• _Required action_: Print the data below exactly, but only the lines from the one containing "#3558 = LINE ( 'NONE', #26, #3562 ) ;" down to the one containing "#4102 = CARTESIAN_POINT", inclusive.

• _Material provided_:
↓

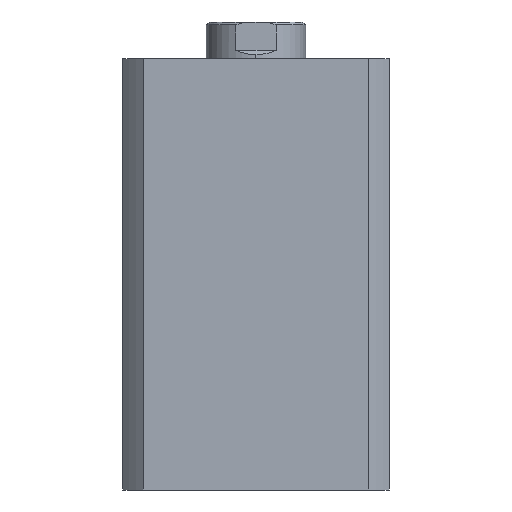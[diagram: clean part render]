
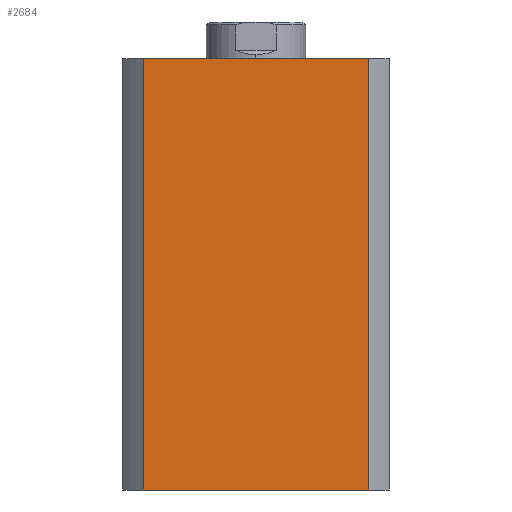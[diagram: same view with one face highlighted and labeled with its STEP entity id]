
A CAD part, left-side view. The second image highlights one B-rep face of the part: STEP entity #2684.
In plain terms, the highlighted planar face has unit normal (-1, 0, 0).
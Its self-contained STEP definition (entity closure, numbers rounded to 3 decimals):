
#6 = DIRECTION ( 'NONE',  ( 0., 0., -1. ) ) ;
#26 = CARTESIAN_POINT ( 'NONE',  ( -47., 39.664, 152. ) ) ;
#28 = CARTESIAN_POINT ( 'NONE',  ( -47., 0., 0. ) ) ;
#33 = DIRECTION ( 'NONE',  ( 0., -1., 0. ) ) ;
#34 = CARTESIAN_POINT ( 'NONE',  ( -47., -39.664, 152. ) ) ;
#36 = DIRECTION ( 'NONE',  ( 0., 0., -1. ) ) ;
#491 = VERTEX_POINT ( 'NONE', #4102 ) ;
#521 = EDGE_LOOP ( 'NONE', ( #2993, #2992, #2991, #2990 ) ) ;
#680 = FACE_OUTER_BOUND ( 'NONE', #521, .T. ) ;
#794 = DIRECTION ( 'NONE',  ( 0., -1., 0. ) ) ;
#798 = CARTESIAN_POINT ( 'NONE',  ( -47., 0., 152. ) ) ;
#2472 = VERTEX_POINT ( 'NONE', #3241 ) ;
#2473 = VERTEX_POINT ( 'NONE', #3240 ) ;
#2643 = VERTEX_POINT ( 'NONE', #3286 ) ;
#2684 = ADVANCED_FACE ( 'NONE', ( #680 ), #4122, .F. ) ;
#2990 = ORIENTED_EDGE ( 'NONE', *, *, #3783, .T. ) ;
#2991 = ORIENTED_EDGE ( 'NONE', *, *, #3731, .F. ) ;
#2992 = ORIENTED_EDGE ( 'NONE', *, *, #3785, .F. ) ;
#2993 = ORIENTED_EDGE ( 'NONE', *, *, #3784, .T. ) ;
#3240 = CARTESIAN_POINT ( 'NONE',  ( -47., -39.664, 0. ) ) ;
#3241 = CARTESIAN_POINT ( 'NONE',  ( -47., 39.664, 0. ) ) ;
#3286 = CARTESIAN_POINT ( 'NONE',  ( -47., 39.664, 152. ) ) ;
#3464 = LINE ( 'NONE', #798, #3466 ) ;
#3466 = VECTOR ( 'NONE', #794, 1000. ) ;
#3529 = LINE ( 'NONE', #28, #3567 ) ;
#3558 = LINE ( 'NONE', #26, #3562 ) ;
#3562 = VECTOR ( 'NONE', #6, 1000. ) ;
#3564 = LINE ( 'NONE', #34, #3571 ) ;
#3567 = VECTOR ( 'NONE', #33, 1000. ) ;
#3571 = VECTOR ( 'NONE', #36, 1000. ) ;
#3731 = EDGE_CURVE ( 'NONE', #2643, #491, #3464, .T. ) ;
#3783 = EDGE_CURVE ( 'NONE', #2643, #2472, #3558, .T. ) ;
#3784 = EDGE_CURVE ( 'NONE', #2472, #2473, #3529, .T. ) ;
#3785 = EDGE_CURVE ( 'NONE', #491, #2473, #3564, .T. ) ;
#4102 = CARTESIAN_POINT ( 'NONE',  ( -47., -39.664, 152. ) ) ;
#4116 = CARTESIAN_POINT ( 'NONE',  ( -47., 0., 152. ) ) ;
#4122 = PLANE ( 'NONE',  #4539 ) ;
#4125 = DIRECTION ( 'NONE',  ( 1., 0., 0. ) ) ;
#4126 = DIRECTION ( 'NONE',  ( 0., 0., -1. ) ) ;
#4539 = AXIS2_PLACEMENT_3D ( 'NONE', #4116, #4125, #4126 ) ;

↑

• _Answer space_:
#3558 = LINE ( 'NONE', #26, #3562 ) ;
#3562 = VECTOR ( 'NONE', #6, 1000. ) ;
#3564 = LINE ( 'NONE', #34, #3571 ) ;
#3567 = VECTOR ( 'NONE', #33, 1000. ) ;
#3571 = VECTOR ( 'NONE', #36, 1000. ) ;
#3731 = EDGE_CURVE ( 'NONE', #2643, #491, #3464, .T. ) ;
#3783 = EDGE_CURVE ( 'NONE', #2643, #2472, #3558, .T. ) ;
#3784 = EDGE_CURVE ( 'NONE', #2472, #2473, #3529, .T. ) ;
#3785 = EDGE_CURVE ( 'NONE', #491, #2473, #3564, .T. ) ;
#4102 = CARTESIAN_POINT ( 'NONE',  ( -47., -39.664, 152. ) ) ;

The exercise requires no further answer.